Some things I have learned in Italy, he wrote to Manning (January 26, 1851), that I did not know before, one in particular. The temporal power of the pope, that great, wonderful, and ancient erection, is gone. The problem has been worked out—the ground is mined—the train is laid—a foreign force, in its nature transitory, alone stays the hand of those who would complete the process by applying the match. This seems, rather than is, a digression. When that event comes, it will bring about a great shifting of parts—much super-and much subter-position. God grant it may be for good. I desire it, because I see plainly that justice requires it. Not out of malice to the popedom; for I cannot at this moment dare to answer with a confident affirmative, the question, a very solemn one—Ten, twenty, fifty years hence, will there be any other body in western Christendom witnessing for fixed dogmatic truth? With all my heart I wish it well (though perhaps not wholly what the consistory might think agreed with the meaning of the term)—it would be to me a joyous day in which I should see it really doing well.

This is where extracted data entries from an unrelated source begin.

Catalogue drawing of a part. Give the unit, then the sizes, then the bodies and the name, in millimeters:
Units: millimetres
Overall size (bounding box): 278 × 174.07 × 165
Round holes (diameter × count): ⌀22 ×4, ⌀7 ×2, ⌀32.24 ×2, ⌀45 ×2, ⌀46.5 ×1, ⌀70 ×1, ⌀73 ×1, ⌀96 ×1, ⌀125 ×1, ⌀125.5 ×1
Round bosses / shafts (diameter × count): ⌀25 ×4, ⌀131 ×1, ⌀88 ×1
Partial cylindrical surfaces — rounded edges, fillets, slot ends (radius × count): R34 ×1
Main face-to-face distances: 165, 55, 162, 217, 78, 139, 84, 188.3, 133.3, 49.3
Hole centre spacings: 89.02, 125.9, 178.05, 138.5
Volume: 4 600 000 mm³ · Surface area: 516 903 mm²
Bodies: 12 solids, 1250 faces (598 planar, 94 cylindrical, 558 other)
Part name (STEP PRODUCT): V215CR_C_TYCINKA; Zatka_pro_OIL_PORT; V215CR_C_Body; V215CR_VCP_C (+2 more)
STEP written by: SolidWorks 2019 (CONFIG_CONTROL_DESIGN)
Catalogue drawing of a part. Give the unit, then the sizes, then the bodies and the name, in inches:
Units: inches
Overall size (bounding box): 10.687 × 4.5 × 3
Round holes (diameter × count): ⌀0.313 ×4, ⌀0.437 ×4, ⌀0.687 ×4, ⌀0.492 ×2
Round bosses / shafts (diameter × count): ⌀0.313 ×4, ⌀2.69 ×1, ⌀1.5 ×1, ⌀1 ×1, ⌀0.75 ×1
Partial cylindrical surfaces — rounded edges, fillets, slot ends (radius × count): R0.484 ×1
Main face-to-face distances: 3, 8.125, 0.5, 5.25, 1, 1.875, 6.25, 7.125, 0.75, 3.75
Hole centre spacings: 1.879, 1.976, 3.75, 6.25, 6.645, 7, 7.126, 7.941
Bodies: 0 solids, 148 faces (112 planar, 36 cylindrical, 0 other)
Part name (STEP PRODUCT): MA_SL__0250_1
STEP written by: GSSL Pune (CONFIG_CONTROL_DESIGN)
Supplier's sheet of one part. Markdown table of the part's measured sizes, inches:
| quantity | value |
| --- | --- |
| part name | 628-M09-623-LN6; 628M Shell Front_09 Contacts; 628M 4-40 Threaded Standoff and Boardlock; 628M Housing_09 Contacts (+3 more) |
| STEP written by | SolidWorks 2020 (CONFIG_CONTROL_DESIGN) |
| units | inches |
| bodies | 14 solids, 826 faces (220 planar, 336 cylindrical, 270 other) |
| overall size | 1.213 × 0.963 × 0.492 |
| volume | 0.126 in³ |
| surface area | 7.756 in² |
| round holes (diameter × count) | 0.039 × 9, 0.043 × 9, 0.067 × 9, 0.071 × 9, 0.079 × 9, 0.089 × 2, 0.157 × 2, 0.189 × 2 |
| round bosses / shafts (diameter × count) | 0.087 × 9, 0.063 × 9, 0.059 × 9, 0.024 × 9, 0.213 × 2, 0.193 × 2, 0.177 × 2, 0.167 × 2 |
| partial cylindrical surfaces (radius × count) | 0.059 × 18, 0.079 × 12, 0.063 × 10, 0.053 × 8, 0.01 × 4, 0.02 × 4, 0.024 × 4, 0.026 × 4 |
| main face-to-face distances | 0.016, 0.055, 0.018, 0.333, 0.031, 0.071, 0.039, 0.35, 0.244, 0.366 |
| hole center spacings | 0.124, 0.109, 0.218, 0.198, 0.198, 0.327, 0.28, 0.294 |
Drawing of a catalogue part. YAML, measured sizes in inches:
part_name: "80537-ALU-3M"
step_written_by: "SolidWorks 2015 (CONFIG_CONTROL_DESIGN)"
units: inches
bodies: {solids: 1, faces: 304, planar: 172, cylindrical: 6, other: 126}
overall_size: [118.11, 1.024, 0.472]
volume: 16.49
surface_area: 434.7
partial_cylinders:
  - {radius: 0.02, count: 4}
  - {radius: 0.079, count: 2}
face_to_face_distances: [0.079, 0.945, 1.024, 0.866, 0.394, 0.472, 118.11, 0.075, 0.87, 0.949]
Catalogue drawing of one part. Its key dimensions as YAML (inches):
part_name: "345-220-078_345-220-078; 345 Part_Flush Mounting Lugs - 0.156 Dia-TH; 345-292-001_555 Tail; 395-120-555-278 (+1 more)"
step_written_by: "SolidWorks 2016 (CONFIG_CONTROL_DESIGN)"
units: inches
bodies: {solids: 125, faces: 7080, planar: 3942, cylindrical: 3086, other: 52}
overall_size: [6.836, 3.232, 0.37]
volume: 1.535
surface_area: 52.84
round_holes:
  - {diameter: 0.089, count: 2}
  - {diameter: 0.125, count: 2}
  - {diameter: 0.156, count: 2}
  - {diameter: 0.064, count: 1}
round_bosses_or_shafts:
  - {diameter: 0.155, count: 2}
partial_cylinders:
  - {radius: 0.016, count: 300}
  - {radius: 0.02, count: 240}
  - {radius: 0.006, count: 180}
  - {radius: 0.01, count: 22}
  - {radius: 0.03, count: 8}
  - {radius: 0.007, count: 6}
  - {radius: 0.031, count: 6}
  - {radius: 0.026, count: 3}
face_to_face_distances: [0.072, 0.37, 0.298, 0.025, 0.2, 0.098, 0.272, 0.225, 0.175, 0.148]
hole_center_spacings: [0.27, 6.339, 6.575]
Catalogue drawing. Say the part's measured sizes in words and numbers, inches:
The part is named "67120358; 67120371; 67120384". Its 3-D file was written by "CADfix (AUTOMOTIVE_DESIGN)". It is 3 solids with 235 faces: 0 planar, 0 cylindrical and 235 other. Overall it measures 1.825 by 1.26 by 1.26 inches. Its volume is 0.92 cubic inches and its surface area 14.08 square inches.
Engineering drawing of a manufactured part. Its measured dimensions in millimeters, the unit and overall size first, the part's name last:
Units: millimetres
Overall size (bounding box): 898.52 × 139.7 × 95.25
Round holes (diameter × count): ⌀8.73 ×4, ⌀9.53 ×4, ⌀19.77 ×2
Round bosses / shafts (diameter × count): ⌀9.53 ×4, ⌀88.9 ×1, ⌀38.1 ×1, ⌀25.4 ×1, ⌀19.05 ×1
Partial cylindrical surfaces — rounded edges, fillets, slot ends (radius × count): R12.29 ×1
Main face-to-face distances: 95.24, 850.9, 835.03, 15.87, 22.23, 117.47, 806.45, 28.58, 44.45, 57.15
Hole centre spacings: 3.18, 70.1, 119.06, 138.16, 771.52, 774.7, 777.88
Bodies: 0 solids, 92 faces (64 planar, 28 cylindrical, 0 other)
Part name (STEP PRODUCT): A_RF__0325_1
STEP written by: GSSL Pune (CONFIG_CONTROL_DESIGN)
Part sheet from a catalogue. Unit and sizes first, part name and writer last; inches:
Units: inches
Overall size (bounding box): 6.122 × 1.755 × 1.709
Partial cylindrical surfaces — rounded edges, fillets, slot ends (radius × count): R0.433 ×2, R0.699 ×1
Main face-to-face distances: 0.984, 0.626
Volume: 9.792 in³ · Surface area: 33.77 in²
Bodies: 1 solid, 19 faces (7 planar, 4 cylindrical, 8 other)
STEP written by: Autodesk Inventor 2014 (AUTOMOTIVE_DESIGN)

Various ideas of this kind set him to work on the large and curious enterprise, long since forgotten, of translating Farini's volumes on the Roman State from 1815 down to 1850. According to the entries in his diary he began and finished the translation of a large portion of the book at Naples in 1850—dictating and writing almost daily. Three of the four volumes of this English translation were done with extraordinary speed by Mr. Gladstone's own hand, and the fourth was done under his direction.254 His object was, without any reference to Italian unity, to give an illustration of the actual working of the temporal power in its latest history. It is easy to understand how the theme fitted in with the widest topics of his life; the nature of theocratic government; the possibility (to borrow Cavour's famous phrase) of a free church in a free state; and above all,—as he says to Manning now, and said to all the world twenty years later in the day of the Vatican decrees,—the mischiefs done to the cause of what he took for saving truth by evil-doing in the heart and centre of the most powerful of all the churches. His translation of Farini, followed by his article on the same subject in the Edinburgh in 1852, was his first blast against 'the covetous, domineering, implacable policy represented in the term Ultramontanism; the winding up higher and higher, tighter and tighter, of the hierarchical spirit, in total disregard of those elements by which it ought to be checked and balanced; and an unceasing, covert, smouldering war against human freedom, even in its most modest and retiring forms of private life and of the individual conscience.' With an energy not unworthy of Burke at his fiercest, he denounces the fallen and impotent regality of the popes as temporal sovereigns. 'A monarchy sustained by foreign armies, smitten with the curse of social barrenness, unable to strike root downward or bear fruit upward, the sun, the air, the rain soliciting in vain its sapless and rotten boughs—such a monarchy, even were it not a monarchy of priests, and tenfold more because it is one, stands out a foul blot upon the face of creation, an offence to Christendom and to mankind.'255 As we shall soon see, he was just as wrathful, just as impassioned and as eloquent, when, in a memorable case in his own country, the temporal power bethought itself of a bill for meddling with the rights of a Roman voluntary church.